During the day I would take short walks around the decks.
Children fished from the platform. They’d sing as they cast out the lines. One morning they were singing carols.
‘Only ten days until Christmas,’ a boy told me cheerfully. ‘Adam says we can have a tree and decorations and things.’
Christmas? I leaned against the railing. Hell, how long was it since my parents took me from Eskdale? Eight weeks? I needed to get back. And now.
All I wanted was to get to the shore, then I could hit the road again. Maybe I’d find a car. With a car I’d be
back in a day. If I walked it’d take a week.
Adam walked by. He wore jeans and a lumberjack shirt but he should have worn a monk’s habit. ‘Don’t overdo it, Nick.
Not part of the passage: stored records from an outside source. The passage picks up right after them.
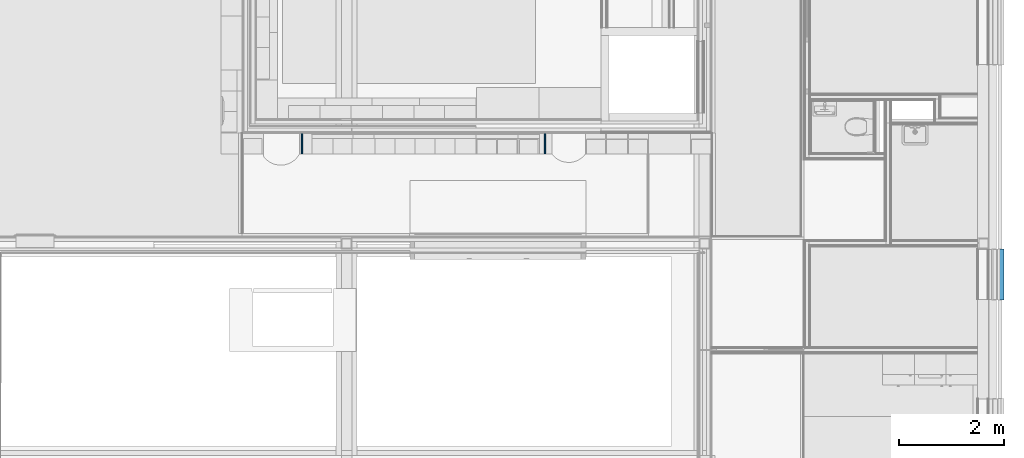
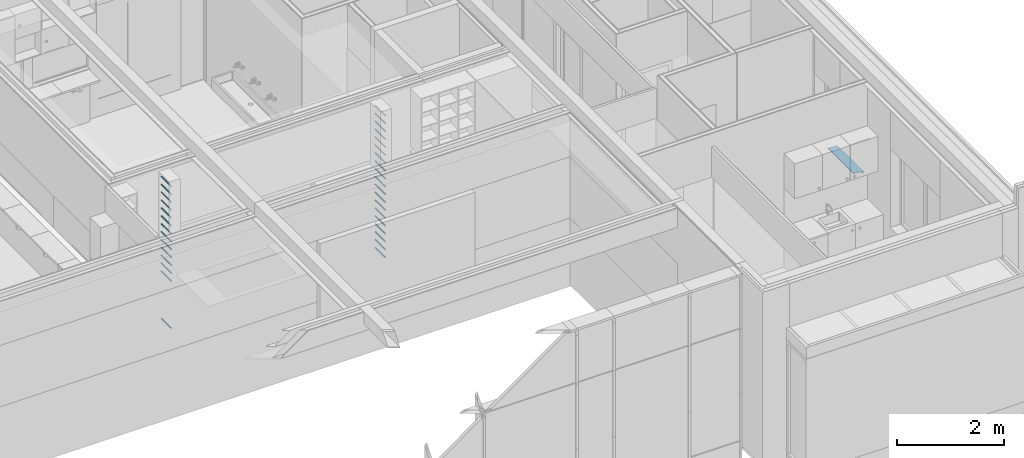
# One storey, part 33 of 137: 34 beams.
"""IFC2X3 building model written with IfcOpenShell, lengths in millimetres."""

from ifc_helpers import new_model, entity, si_unit, converted_unit, derived_unit, money_unit, direction, frame, origin_with_axes, place, context, subcontext, project, spatial, faceted_brep, material, type_object, element, save


model = new_model("IFC2X3")

# Units and contexts
model_context = context("Model", 3, precision=0.01, world=origin_with_axes(), true_north=direction((0.0, 1.0)))
body_context = subcontext(model_context, "Body", "Model", "MODEL_VIEW")
ifc_project = project(units=[si_unit("LENGTHUNIT", "METRE", prefix="MILLI"), si_unit("AREAUNIT", "SQUARE_METRE"), si_unit("VOLUMEUNIT", "CUBIC_METRE"), converted_unit("PLANEANGLEUNIT", "DEGREE", entity("IfcPlaneAngleMeasure", 0.0174532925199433), si_unit("PLANEANGLEUNIT", "RADIAN"), dimensions=[0, 0, 0, 0, 0, 0, 0]), money_unit("EUR"), converted_unit("TIMEUNIT", "Year", entity("IfcTimeMeasure", 31556926.0), si_unit("TIMEUNIT", "SECOND"), dimensions=[0, 0, 1, 0, 0, 0, 0]), si_unit("MASSUNIT", "GRAM", prefix="KILO"), si_unit("THERMODYNAMICTEMPERATUREUNIT", "DEGREE_CELSIUS"), si_unit("LUMINOUSINTENSITYUNIT", "LUMEN"), si_unit("ENERGYUNIT", "JOULE", prefix="MEGA"), derived_unit("THERMALCONDUCTANCEUNIT", [(si_unit("POWERUNIT", "WATT"), 1), (si_unit("LENGTHUNIT", "METRE"), -1), (si_unit("THERMODYNAMICTEMPERATUREUNIT", "KELVIN"), -1)]), derived_unit("SPECIFICHEATCAPACITYUNIT", [(si_unit("ENERGYUNIT", "JOULE"), 1), (si_unit("MASSUNIT", "GRAM", prefix="KILO"), -1), (si_unit("THERMODYNAMICTEMPERATUREUNIT", "KELVIN"), -1)]), derived_unit("MASSDENSITYUNIT", [(si_unit("MASSUNIT", "GRAM", prefix="KILO"), 1), (si_unit("VOLUMEUNIT", "CUBIC_METRE"), -1)])], contexts=[model_context])

# Site, building, storey
site_placement = place(None, origin_with_axes())
site = spatial("IfcSite", under=ifc_project, at=site_placement, Name="Site", CompositionType="ELEMENT")
building_placement = place(site_placement, origin_with_axes())
building = spatial("IfcBuilding", under=site, at=building_placement, Name="Naam gebouw", CompositionType="ELEMENT")
storey_placement = place(building_placement, frame((0.0, 0.0, 3960.0), z_axis=(0.0, 0.0, 1.0), x_axis=(1.0, 0.0, 0.0)))
storey = spatial("IfcBuildingStorey", under=building, at=storey_placement, Name="1e verdieping", CompositionType="ELEMENT", Elevation=3960.0)

# Beams
ifc_material_1 = material(Name="Metaal - Aluminium")
beam_type_1 = type_object("IfcBeamType", Name="41 Waterslag 218 x 75", PredefinedType="BEAM")
beam_1_placement = place(storey_placement, frame((30149.99999999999, 10705.00011055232, 750.0), z_axis=(0.0, 0.0, 1.0), x_axis=(-1.0, 0.0, 0.0)))
element("IfcBeam", 1, at=beam_1_placement, inside=storey, type_object=beam_type_1, material=ifc_material_1, Name="h4 Aluminium, aluminiumlegeringen_Regenwaterafvoer-x", ObjectType="BEAM", context=body_context, shape_type="Brep", body=[
    faceted_brep([(178.0000000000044, 0.0, 49.99999999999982), (178.0000000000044, 969.9999999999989, 49.99999999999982), (175.0000000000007, 969.9999999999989, 49.99999999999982), (175.0000000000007, 0.0, 49.99999999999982), (177.9999999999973, 0.0, 27.27462510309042), (177.9999999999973, 969.9999999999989, 27.27462510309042), (-36.99999999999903, 969.9999999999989, 12.08231741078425), (-36.99999999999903, 969.9999999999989, -21.99999999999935), (-21.99999999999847, 969.9999999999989, -21.99999999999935), (-21.99999999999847, 969.9999999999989, -24.99999999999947), (-39.99999999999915, 969.9999999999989, -24.99999999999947), (-39.99999999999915, 969.9999999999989, 15.00000000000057), (175.0000000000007, 969.9999999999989, 30.00000000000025), (175.0000000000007, 0.0, 30.00000000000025), (-39.99999999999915, 0.0, 15.00000000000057), (-39.99999999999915, 0.0, -24.99999999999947), (-21.99999999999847, 0.0, -24.99999999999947), (-21.99999999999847, 0.0, -21.99999999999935), (-36.99999999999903, 0.0, -21.99999999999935), (-36.99999999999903, 0.0, 12.08231741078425)], [[[0, 1, 2, 3]], [[4, 5, 1, 0]], [[2, 1, 5, 6, 7, 8, 9, 10, 11, 12]], [[3, 2, 12, 13]], [[4, 0, 3, 13, 14, 15, 16, 17, 18, 19]], [[19, 6, 5, 4]], [[18, 7, 6, 19]], [[17, 8, 7, 18]], [[16, 9, 8, 17]], [[15, 10, 9, 16]], [[14, 11, 10, 15]], [[13, 12, 11, 14]]]),
])
ifc_material_2 = material(Name="ALG - ALGEMEEN")
beam_type_2 = type_object("IfcBeamType", Name="ALG - ALGEMEEN D30", PredefinedType="BEAM")
for number, where, z_axis, x_axis, name in (
    (2, (21470.30448641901, 12893.3162414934, 1425.0), (0.0, 0.0, 1.0), (-1.0, 0.0, 0.0), "_Regenwaterafvoer-x"),
    (3, (21470.30448641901, 12893.3162414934, 1245.0), (0.0, 0.0, 1.0), (-1.0, 0.0, 0.0), "_Regenwaterafvoer-x"),
    (4, (21470.30448641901, 12893.3162414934, 3045.000000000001), (0.0, 0.0, 1.0), (-1.0, 0.0, 0.0), "_Regenwaterafvoer-x"),
    (5, (21470.30448641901, 12893.3162414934, 1965.000000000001), (0.0, 0.0, 1.0), (-1.0, 0.0, 0.0), "_Regenwaterafvoer-x"),
    (6, (21470.30448641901, 12893.3162414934, 1785.0), (0.0, 0.0, 1.0), (-1.0, 0.0, 0.0), "_Regenwaterafvoer-x"),
    (7, (21470.30448641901, 12893.3162414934, 1605.0), (0.0, 0.0, 1.0), (-1.0, 0.0, 0.0), "_Regenwaterafvoer-x"),
    (8, (21470.30448641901, 12893.3162414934, 2685.0), (0.0, 0.0, 1.0), (-1.0, 0.0, 0.0), "_Regenwaterafvoer-x"),
    (9, (21470.30448641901, 12893.3162414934, 2505.000000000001), (0.0, 0.0, 1.0), (-1.0, 0.0, 0.0), "_Regenwaterafvoer-x"),
    (10, (21470.30448641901, 12893.3162414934, 2325.0), (0.0, 0.0, 1.0), (-1.0, 0.0, 0.0), "_Regenwaterafvoer-x"),
    (11, (21470.30448641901, 12893.3162414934, 2145.0), (0.0, 0.0, 1.0), (-1.0, 0.0, 0.0), "_Regenwaterafvoer-x"),
    (12, (21470.30448641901, 12893.3162414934, 2865.000000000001), (0.0, 0.0, 1.0), (-1.0, 0.0, 0.0), "_Regenwaterafvoer-x"),
):
    element("IfcBeam", number, at=place(storey_placement, frame(where, z_axis=z_axis, x_axis=x_axis)), inside=storey, type_object=beam_type_2, material=ifc_material_2, Name=name, ObjectType="BEAM", context=body_context, shape_type="Brep", body=[
        faceted_brep([(12.99038105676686, 0.0, 7.500000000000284), (12.99038105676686, 379.999999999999, 7.500000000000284), (7.500000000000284, 379.999999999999, 12.99038105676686), (7.500000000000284, 0.0, 12.99038105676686), (15.00000000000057, 0.0, 0.0), (15.00000000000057, 379.999999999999, 0.0), (12.99038105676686, 379.999999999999, -7.500000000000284), (7.500000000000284, 379.999999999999, -12.99038105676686), (0.0, 379.999999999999, -14.99999999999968), (-7.500000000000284, 379.999999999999, -12.99038105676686), (-12.99038105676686, 379.999999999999, -7.500000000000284), (-15.00000000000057, 379.999999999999, 0.0), (-12.99038105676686, 379.999999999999, 7.500000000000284), (-7.500000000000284, 379.999999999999, 12.99038105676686), (0.0, 379.999999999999, 14.99999999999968), (0.0, 0.0, 14.99999999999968), (-7.500000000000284, 0.0, 12.99038105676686), (-12.99038105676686, 0.0, 7.500000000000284), (-15.00000000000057, 0.0, 0.0), (-12.99038105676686, 0.0, -7.500000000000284), (-7.500000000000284, 0.0, -12.99038105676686), (0.0, 0.0, -14.99999999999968), (7.500000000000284, 0.0, -12.99038105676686), (12.99038105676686, 0.0, -7.500000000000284)], [[[0, 1, 2, 3]], [[4, 5, 1, 0]], [[2, 1, 5, 6, 7, 8, 9, 10, 11, 12, 13, 14]], [[3, 2, 14, 15]], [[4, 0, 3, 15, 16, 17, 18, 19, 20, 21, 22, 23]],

You’re still unwell.’
‘I feel fine,’ I lied. ‘Have you a car? Or a truck?’
‘No. In a dream the Lord told me not to use them. Too noisy. We don’t do anything that will bring attention to ourselves. We light no fires that would make smoke. By night the windows are shuttered so no one will see the lights across the lake. When we hunt we use bows so there are no gunshots. Come on, friend. Inside where it’s warm. I’ll ask Bernadette to bring you tea.’
‘Yes … Oh, that’s it. Nick. Keep it there, keep it there, I-ah … Oh, yes. Yes …’
Sarah came in the dream again. Swaying backwards and forward above me. In the dark all I could see was the shape of her head and her swaying hair.
‘Still not feeling any better?’ Bernadette spooned more medicine into my mouth.
‘I don’t feel ill … Just weak. I can hardly climb the stairs.’
‘Do you want me to ask Timothy to help you back to your room?’
‘No, thanks. I like it in the lounge … Are you still painting the pictures?’
Smiling, she nodded. ‘Mmm … When God puts the dreams in my head.’
She left singing. I wondered if she was a bit simple.
I’d spend the day sitting, watching the Ark’s inhabitants. They all worked hard, even the youngest children. They were clean, obedient. When Adam spoke they listened with love and respect. Twice a day they held services and sang hymns.
All I could do was sit there, hoping that tomorrow I would be fit enough to continue back to Eskdale.
That night as I got ready for bed I saw something catch the light on one of the sheepskin rugs.
My heart beat harder when I picked it up.
As long as my arm, it was a hair. I put it against my dark jeans. There was no doubting it. It was blonde.
I rubbed my face trying to get my sluggish brain in gear.
The dreams I had. Sarah making love to me. Dreams can be funny, unsettling, erotic – but one thing they do not do is leave physical evidence behind. I wound the hair around a pencil and put it in the drawer.